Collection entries
<<<<

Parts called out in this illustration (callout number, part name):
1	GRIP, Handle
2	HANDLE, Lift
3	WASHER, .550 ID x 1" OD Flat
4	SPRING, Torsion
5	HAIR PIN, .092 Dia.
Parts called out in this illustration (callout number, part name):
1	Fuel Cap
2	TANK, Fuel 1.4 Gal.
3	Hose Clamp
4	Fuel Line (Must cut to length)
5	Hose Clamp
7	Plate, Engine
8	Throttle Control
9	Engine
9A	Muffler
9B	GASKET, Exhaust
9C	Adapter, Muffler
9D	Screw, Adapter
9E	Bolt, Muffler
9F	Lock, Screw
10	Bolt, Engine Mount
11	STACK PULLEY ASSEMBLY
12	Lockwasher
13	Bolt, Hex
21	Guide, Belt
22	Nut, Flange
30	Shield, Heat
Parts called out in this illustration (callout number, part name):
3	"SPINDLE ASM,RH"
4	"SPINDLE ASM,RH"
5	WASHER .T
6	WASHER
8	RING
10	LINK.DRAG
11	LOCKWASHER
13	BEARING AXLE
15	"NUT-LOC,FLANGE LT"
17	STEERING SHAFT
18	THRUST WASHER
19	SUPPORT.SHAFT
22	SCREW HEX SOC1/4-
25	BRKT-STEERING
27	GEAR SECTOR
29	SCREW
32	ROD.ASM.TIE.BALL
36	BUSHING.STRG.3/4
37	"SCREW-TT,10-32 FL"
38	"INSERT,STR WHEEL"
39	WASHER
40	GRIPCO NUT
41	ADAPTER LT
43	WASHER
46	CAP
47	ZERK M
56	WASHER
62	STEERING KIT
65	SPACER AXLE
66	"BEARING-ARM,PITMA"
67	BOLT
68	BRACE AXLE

>>>>

**Directions for this task:**
For each record above, write it out again exactly.

**Task solution:**
Parts called out in this illustration (callout number, part name):
1	GRIP, Handle
2	HANDLE, Lift
3	WASHER, .550 ID x 1" OD Flat
4	SPRING, Torsion
5	HAIR PIN, .092 Dia.
Parts called out in this illustration (callout number, part name):
1	Fuel Cap
2	TANK, Fuel 1.4 Gal.
3	Hose Clamp
4	Fuel Line (Must cut to length)
5	Hose Clamp
7	Plate, Engine
8	Throttle Control
9	Engine
9A	Muffler
9B	GASKET, Exhaust
9C	Adapter, Muffler
9D	Screw, Adapter
9E	Bolt, Muffler
9F	Lock, Screw
10	Bolt, Engine Mount
11	STACK PULLEY ASSEMBLY
12	Lockwasher
13	Bolt, Hex
21	Guide, Belt
22	Nut, Flange
30	Shield, Heat
Parts called out in this illustration (callout number, part name):
3	"SPINDLE ASM,RH"
4	"SPINDLE ASM,RH"
5	WASHER .T
6	WASHER
8	RING
10	LINK.DRAG
11	LOCKWASHER
13	BEARING AXLE
15	"NUT-LOC,FLANGE LT"
17	STEERING SHAFT
18	THRUST WASHER
19	SUPPORT.SHAFT
22	SCREW HEX SOC1/4-
25	BRKT-STEERING
27	GEAR SECTOR
29	SCREW
32	ROD.ASM.TIE.BALL
36	BUSHING.STRG.3/4
37	"SCREW-TT,10-32 FL"
38	"INSERT,STR WHEEL"
39	WASHER
40	GRIPCO NUT
41	ADAPTER LT
43	WASHER
46	CAP
47	ZERK M
56	WASHER
62	STEERING KIT
65	SPACER AXLE
66	"BEARING-ARM,PITMA"
67	BOLT
68	BRACE AXLE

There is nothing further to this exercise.